# Anslysis using `polars`

I have followed **CampusX's - "SQL Case Study Course"** where **Ajay Sati Sir** perform analysis on a **Dataset - "Data Science Jobs Salaries in 2024"**.

> You can refer to [`data/README.md`](/data/README.md) to more about data.

In addition, to that session I have solved the same questions (given by sir in the session) using [`polars`](https://pola.rs) library.

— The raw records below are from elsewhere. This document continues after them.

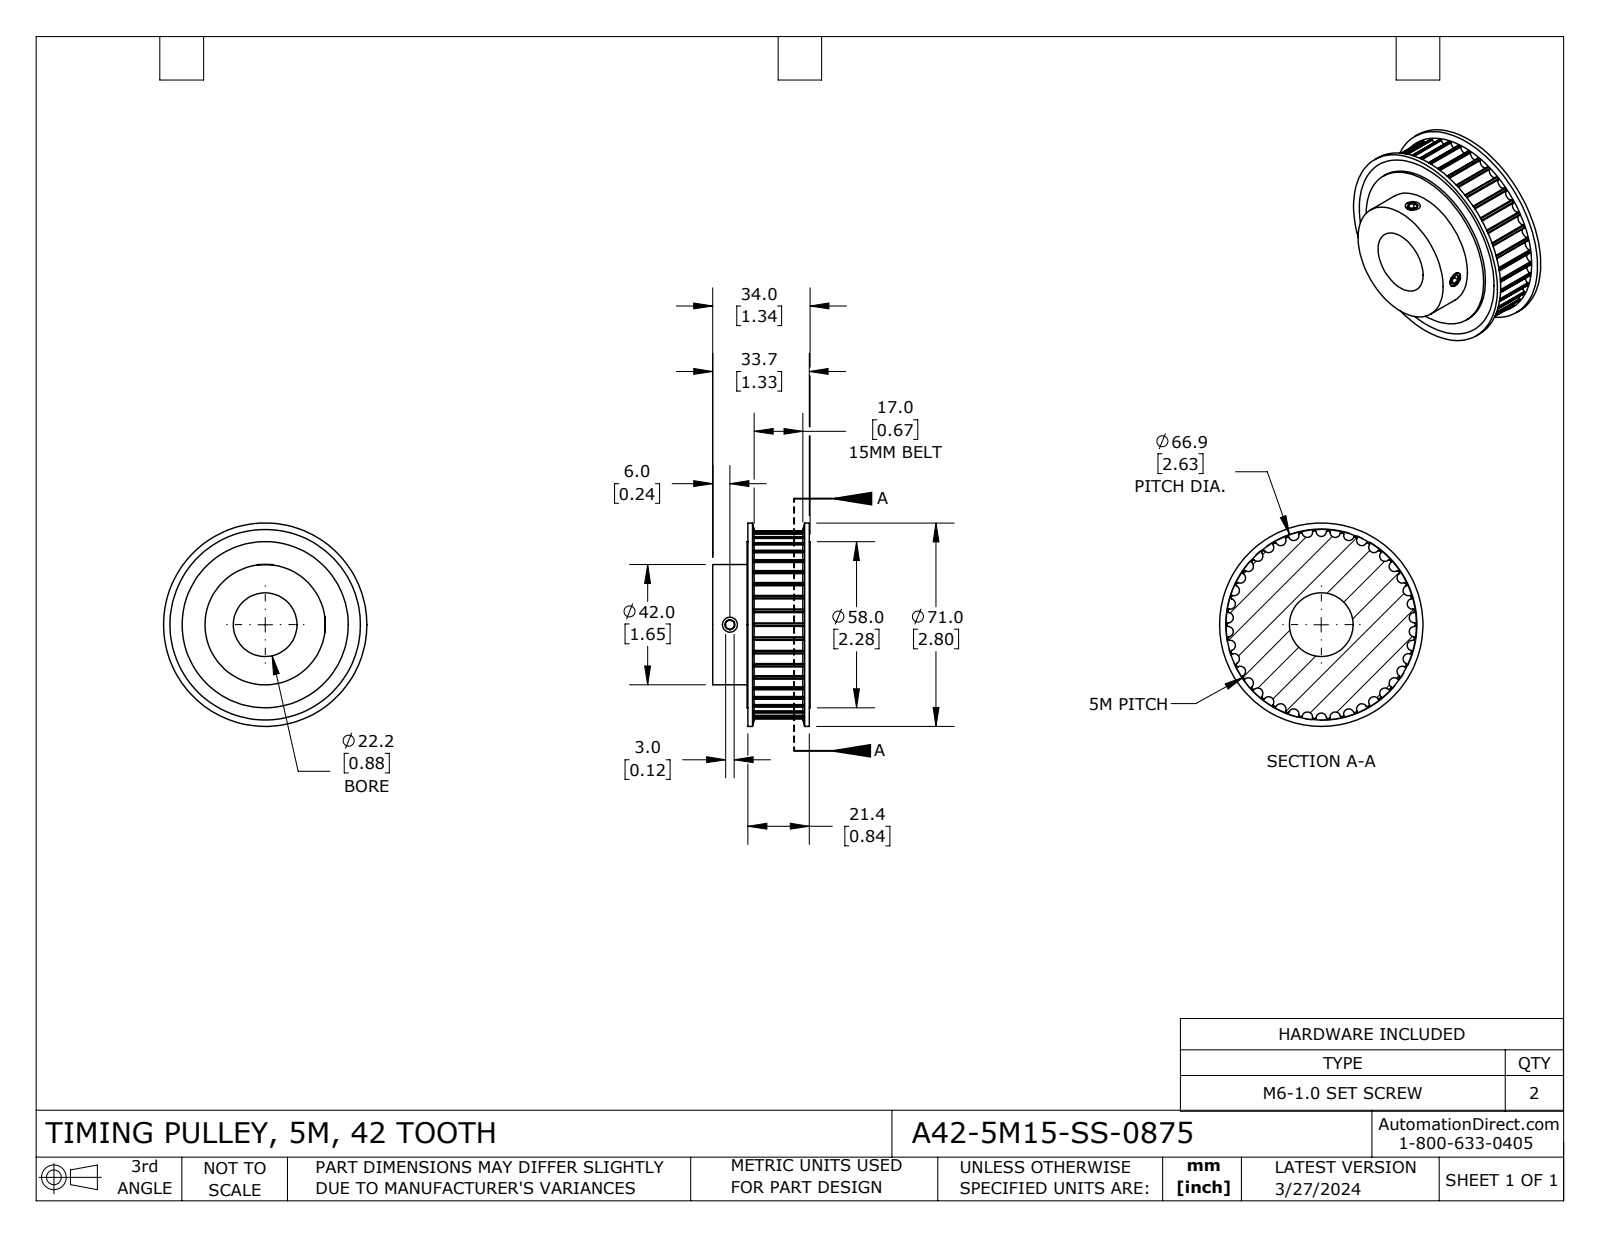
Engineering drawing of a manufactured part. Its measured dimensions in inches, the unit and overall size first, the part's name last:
Units: inches
Overall size (bounding box): 2.795 × 2.795 × 1.339
Round holes (diameter × count): ⌀0.197 ×2, ⌀0.875 ×1, ⌀2.283 ×1
Round bosses / shafts (diameter × count): ⌀0.236 ×2, ⌀2.795 ×1, ⌀1.654 ×1
Partial cylindrical surfaces — rounded edges, fillets, slot ends (radius × count): R0.012 ×84, R0.072 ×42, R1.293 ×1
Main face-to-face distances: 0.098, 0.768, 0.035, 0.831, 0.063, 0.732, 0.669, 0.866, 1.339, 1.24
Volume: 4.523 in³ · Surface area: 34.96 in²
Bodies: 5 solids, 292 faces (25 planar, 233 cylindrical, 34 other)
Part name (STEP PRODUCT): A42-5M15-SS-0875
STEP written by: SolidWorks 2021 (CONFIG_CONTROL_DESIGN)

> I have also provided the SQL solutions (solved by sir) from the session.

In [1]:
import polars as pl

In [2]:
pl.Config.set_fmt_str_lengths(40)

polars.config.Config

In [3]:
df = pl.read_csv("data/data_job_salaries.csv")
print(df.shape)
df.head()

(13972, 11)


work_year,experience_level,employment_type,job_title,salary,salary_currency,salary_in_usd,employee_residence,remote_ratio,company_location,company_size
i64,str,str,str,i64,str,i64,str,i64,str,str
2024,"""SE""","""FT""","""AI Engineer""",90000,"""USD""",90000,"""AE""",0,"""AE""","""L"""
2024,"""SE""","""FT""","""Machine Learning Engineer""",180500,"""USD""",180500,"""US""",0,"""US""","""M"""
2024,"""SE""","""FT""","""Machine Learning Engineer""",96200,"""USD""",96200,"""US""",0,"""US""","""M"""
2024,"""SE""","""FT""","""Machine Learning Engineer""",235000,"""USD""",235000,"""AU""",0,"""AU""","""M"""
2024,"""SE""","""FT""","""Machine Learning Engineer""",175000,"""USD""",175000,"""AU""",0,"""AU""","""M"""


### 1. You're a compensation analyst employed by a multinational corporation. Your assignment is to pinpoint countries who give work fully remotely work , for the title `"Managers"` paying salaries exceeding **$90,000 USD**.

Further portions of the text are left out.